**WHAT NEEDS TO BE DONE**:
Beginning with the opening line of the entries, return every line through the one containing "doc.units = ezdxf.units.MM", both included, and nothing else. Omit pictures.

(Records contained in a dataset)

■ ■ ■

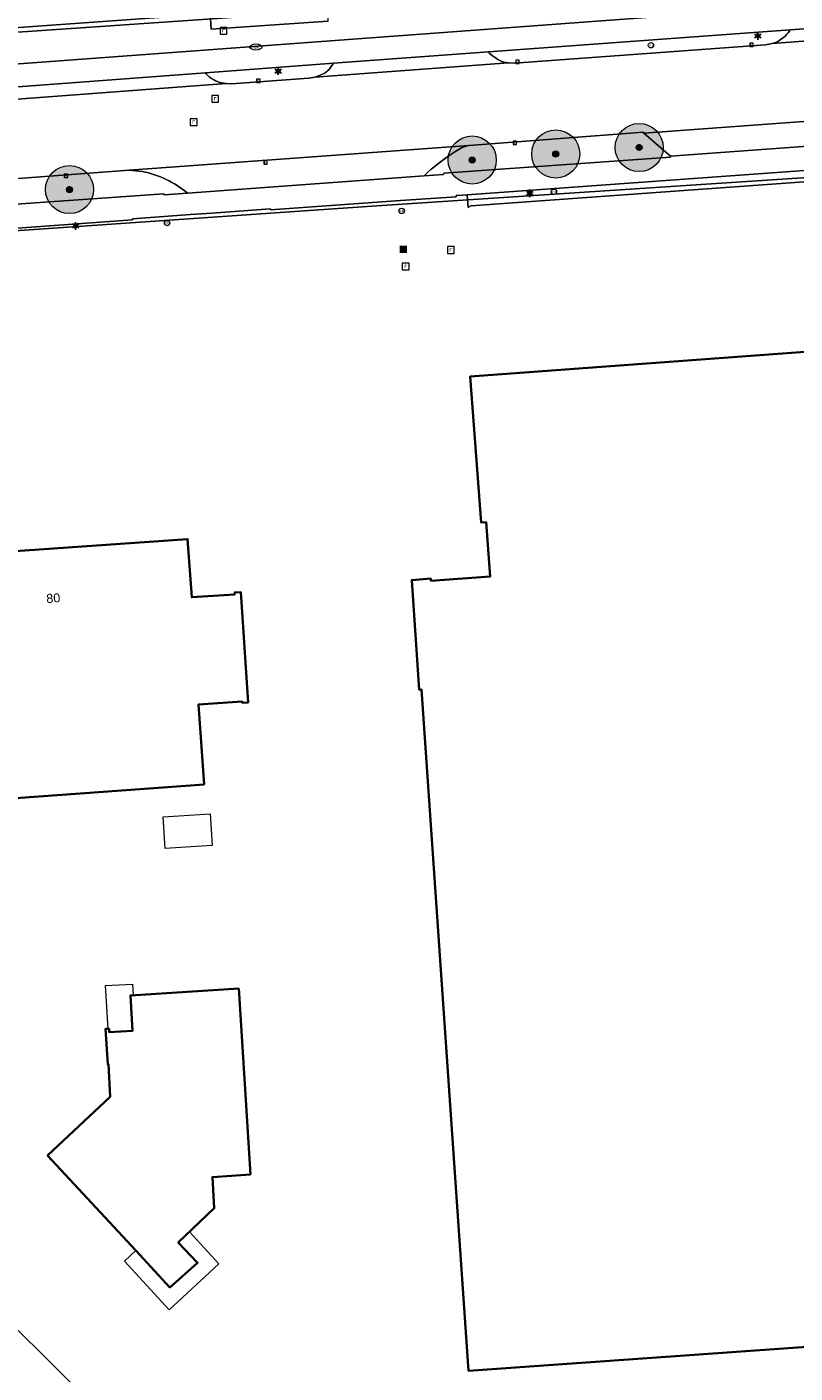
# Model space of a CAD drawing. Header units: millimetres. Extents: x 162876 to 168130, y 402614 to 405602.
# Tile 9 of 256: x 164206 to 164270, y 402941 to 403053. Entities that reach past the tile are written whole.
import ezdxf
from ezdxf.enums import TextEntityAlignment as Align

# ---------------------------------------------------------------- set-up
doc = ezdxf.new("R2010")
doc.units = ezdxf.units.MM
for name, color, linetype, lineweight in [('X-CA190022.004-UO-BGT_Ondergrond$0$GE_314_WGDRijbaanLokaleweg_Vlak_GEM', 253, 'Continuous', 9), ('X-CA190022.004-UO-BGT_Ondergrond$0$GE_316_WGDFietspad_Vlak_GEM', 253, 'Continuous', 9), ('X-CA190022.004-UO-BGT_Ondergrond$0$GE_317_WGDVoetpad_Vlak_GEM', 253, 'Continuous', 9), ('X-CA190022.004-UO-BGT_Ondergrond$0$GE_322_WGDInrit_Vlak_GEM', 253, 'Continuous', 9), ('X-CA190022.004-UO-BGT_Ondergrond$0$GE_363_OWGBerm_openverharding_Vlak_GEM', 253, 'Continuous', 9), ('X-CA190022.004-UO-BGT_Ondergrond$0$GE_401_OTDErf_Vlak_GEM', 253, 'Continuous', 9), ('X-CA190022.004-UO-BGT_Ondergrond$0$GE_4502_GBKN_Huisnummer_Lijn_GEM', 7, 'Continuous', 9), ('X-CA190022.004-UO-BGT_Ondergrond$0$GE_477_BTDGroenvoorziening_Vlak_GEM', 253, 'Continuous', 9), ('X-CA190022.004-UO-BGT_Ondergrond$0$GE_491_VGOHaag_Inrichtend_Vlak_GEM', 253, 'Continuous', 9), ('X-CA190022.004-UO-BGT_Ondergrond$0$GE_601_PNDgrondvlakpand_Vlak_MV_GEM', 34, 'Continuous', 35), ('X-CA190022.004-UO-BGT_Ondergrond$0$GE_632_GBILuifel_Inrichtend_Vlak_GEM', 253, 'Continuous', 9), ('X-CA190022.004-UO-BGT_Ondergrond$0$GE_814_BRDVerkeersbord_Punt_GEM', 7, 'Continuous', 25), ('X-CA190022.004-UO-BGT_Ondergrond$0$GE_835_KSTRioolkast_Punt_GEM', 253, 'Continuous', 9), ('X-CA190022.004-UO-BGT_Ondergrond$0$GE_861_PALLichtmast_Punt_GEM', 202, 'Continuous', 25), ('X-CA190022.004-UO-BGT_Ondergrond$0$GE_882_PutBrandkraan_Punt_GEM', 150, 'Continuous', 25), ('X-CA190022.004-UO-BGT_Ondergrond$0$GE_885_PutInspectieofRioolput_Punt_GEM', 253, 'Continuous', 9), ('X-CA190022.004-UO-BGT_Ondergrond$0$GE_886_PutKolk_Punt_GEM', 253, 'Continuous', 9), ('X-CA190022.004-UO-BGT_Ondergrond$0$N-WE-RI-PUT_INSPECTIE-S', 253, 'Continuous', 9), ('X-CA190022.004-UO-KAD_Percelen$0$B-WE-KG-GRENS_PERCEEL-GV', 150, 'Continuous', 9)]:
    doc.layers.add(name, color=color, linetype=linetype, lineweight=lineweight)
doc.layers.add('X-CA190022.004-UO-DWM_Beplanting_v0.1$0$B-WE-GR-BOOM-S AFKOMSTIG UIT BOMENBESTAND GEMEENTE', color=252, linetype='Continuous')
doc.styles.add('X-CA190022.004-UO-BGT_Ondergrond$0$BGT_NAR', font='arial.ttf', dxfattribs={"height": 1})
doc.styles.add('X-CA190022.004-UO-BGT_Ondergrond$0$NLCS-ISO', font='NLCS-ISO.ttf')

# ---------------------------------------------------------------- blocks, each defined once
blk = doc.blocks.new('X-CA190022.004-UO-BGT_Ondergrond$0$SRI-KOLK-SO')
at = {"color": 0, "linetype": 'ByBlock', "lineweight": 18}
blk.add_lwpolyline([(-1.125, -1.125), (1.125, -1.125), (1.125, 1.125), (-1.125, 1.125)], close=True, dxfattribs=at)
at = {"color": 0, "linetype": 'ByBlock', "lineweight": 18, "style": 'X-CA190022.004-UO-BGT_Ondergrond$0$NLCS-ISO'}
blk.add_text('k', height=1.5, dxfattribs=at).set_placement((0, 0), align=Align.MIDDLE_CENTER)
blk = doc.blocks.new('X-CA190022.004-UO-BGT_Ondergrond$0$IMGEOKolk')
at = {"xscale": 5, "yscale": 5, "zscale": 5}
blk.add_blockref('X-CA190022.004-UO-BGT_Ondergrond$0$SRI-KOLK-SO', (0, 0), dxfattribs=at)
blk = doc.blocks.new('X-CA190022.004-UO-BGT_Ondergrond$0$SKL-WATER_BRANDKRAAN_BRANDPUT-SO')
at = {"color": 0, "linetype": 'ByBlock', "lineweight": 18}
blk.add_ellipse((0, 0), major_axis=(2.5, 0), ratio=0.54, dxfattribs=at)
at = {"color": 0, "linetype": 'ByBlock', "lineweight": 18, "style": 'X-CA190022.004-UO-BGT_Ondergrond$0$NLCS-ISO'}
blk.add_text('bk', height=1.5, dxfattribs=at).set_placement((0.16, 0), align=Align.MIDDLE_CENTER)
blk = doc.blocks.new('X-CA190022.004-UO-BGT_Ondergrond$0$IMGEOBrandkraanput')
at = {"xscale": 5, "yscale": 5, "zscale": 5}
blk.add_blockref('X-CA190022.004-UO-BGT_Ondergrond$0$SKL-WATER_BRANDKRAAN_BRANDPUT-SO', (0, 0), dxfattribs=at)
blk = doc.blocks.new('X-CA190022.004-UO-BGT_Ondergrond$0$SIE-WEG_PAAL_VERKEERSBORD-SO')
at = {"linetype": 'ByBlock', "lineweight": 18}
blk.add_circle((0, 0), 1.5, dxfattribs=at)
at = {"linetype": 'ByBlock', "lineweight": 18, "style": 'X-CA190022.004-UO-BGT_Ondergrond$0$NLCS-ISO'}
blk.add_text('vb', height=1.5, dxfattribs=at).set_placement((0, 0.13), align=Align.MIDDLE_CENTER)
blk = doc.blocks.new('X-CA190022.004-UO-BGT_Ondergrond$0$IMGEOVerkeersbord')
at = {"xscale": 5, "yscale": 5, "zscale": 5}
blk.add_blockref('X-CA190022.004-UO-BGT_Ondergrond$0$SIE-WEG_PAAL_VERKEERSBORD-SO', (0, 0), dxfattribs=at)
blk = doc.blocks.new('X-CA190022.004-UO-BGT_Ondergrond$0$SRI-PUT_INSPECTIEPUT_RIOOLPUT-SO')
at = {"color": 0, "linetype": 'ByBlock', "lineweight": 18}
blk.add_lwpolyline([(-1.12, -1.12), (1.12, -1.12), (1.12, 1.12), (-1.12, 1.12)], close=True, dxfattribs=at)
at = {"color": 0, "linetype": 'ByBlock', "lineweight": 18, "style": 'X-CA190022.004-UO-BGT_Ondergrond$0$NLCS-ISO'}
blk.add_text('r', height=1.5, dxfattribs=at).set_placement((0, 0.28), align=Align.MIDDLE_CENTER)
blk = doc.blocks.new('X-CA190022.004-UO-BGT_Ondergrond$0$IMGEOInspectierioolput')
at = {"layer": 'X-CA190022.004-UO-BGT_Ondergrond$0$N-WE-RI-PUT_INSPECTIE-S', "xscale": 10, "yscale": 10, "zscale": 10}
blk.add_blockref('X-CA190022.004-UO-BGT_Ondergrond$0$SRI-PUT_INSPECTIEPUT_RIOOLPUT-SO', (0, 0), dxfattribs=at)
blk = doc.blocks.new('X-CA190022.004-UO-BGT_Ondergrond$0$N-SIE-WEG_LICHTMAST-SO')
h = blk.add_hatch(color=256)
h.paths.add_polyline_path([(1.16, 0.5, 0.658505), (-1.16, 0.5)])
h.paths.add_polyline_path([(-1.16, -0.5, 0.658505), (1.16, -0.5)])
at = {"flags": 128}
for points in [[(-2.19, 1.27), (-1.1, 0.63)], [(-1.16, 0.5), (1.16, 0.5)], [(0, 1.27), (0, 2.53)], [(1.1, 0.63), (2.19, 1.27)], [(-2.19, -1.27), (-1.1, -0.63)], [(-1.16, -0.5), (1.16, -0.5)], [(0, -1.27), (0, -2.53)], [(2.19, -1.27), (1.1, -0.63)]]:
    blk.add_lwpolyline(points, dxfattribs=at)
at = {"ltscale": 0.5}
blk.add_circle((0, 0), 1.27, dxfattribs=at)
at = {"style": 'X-CA190022.004-UO-BGT_Ondergrond$0$NLCS-ISO'}
blk.add_attdef('TYPE', text='', height=1.8, dxfattribs=at).set_placement((0, 2.53), align=Align.BOTTOM_CENTER)
blk = doc.blocks.new('X-CA190022.004-UO-BGT_Ondergrond$0$IMGEOLichtmastpaal')
at = {"xscale": 5, "yscale": 5, "zscale": 5}
blk.add_blockref('X-CA190022.004-UO-BGT_Ondergrond$0$N-SIE-WEG_LICHTMAST-SO', (0, 6.4), dxfattribs=at)
blk = doc.blocks.new('*U19')
at = {"layer": 'X-CA190022.004-UO-BGT_Ondergrond$0$GE_835_KSTRioolkast_Punt_GEM'}
h = blk.add_hatch(color=40, dxfattribs=at)
edge = h.paths.add_edge_path()
edge.add_spline(control_points=[(-15.8, -13), (-15.8, -15.8), (-13, -15.8)], knot_values=[0, 0, 0, 1, 1, 1], degree=2, periodic=0)
edge.add_line((-13, -15.8), (13, -15.8))
edge.add_spline(control_points=[(13, -15.8), (15.8, -15.8), (15.8, -13)], knot_values=[0, 0, 0, 1, 1, 1], degree=2, periodic=0)
edge.add_line((15.8, -13), (15.8, 13))
edge.add_spline(control_points=[(15.8, 13), (15.8, 15.8), (13.2, 15.8)], knot_values=[0, 0, 0, 1, 1, 1], degree=2, periodic=0)
edge.add_line((13.2, 15.8), (-13, 15.8))
edge.add_spline(control_points=[(-13, 15.8), (-15.8, 15.8), (-15.8, 13)], knot_values=[0, 0, 0, 1, 1, 1], degree=2, periodic=0)
edge.add_line((-15.8, 13), (-15.8, -13))
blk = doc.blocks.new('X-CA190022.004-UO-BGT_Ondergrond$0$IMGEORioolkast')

■ ■ ■

**TASK SOLUTION**:
# Model space of a CAD drawing. Header units: millimetres. Extents: x 162876 to 168130, y 402614 to 405602.
# Tile 9 of 256: x 164206 to 164270, y 402941 to 403053. Entities that reach past the tile are written whole.
import ezdxf
from ezdxf.enums import TextEntityAlignment as Align

# ---------------------------------------------------------------- set-up
doc = ezdxf.new("R2010")
doc.units = ezdxf.units.MM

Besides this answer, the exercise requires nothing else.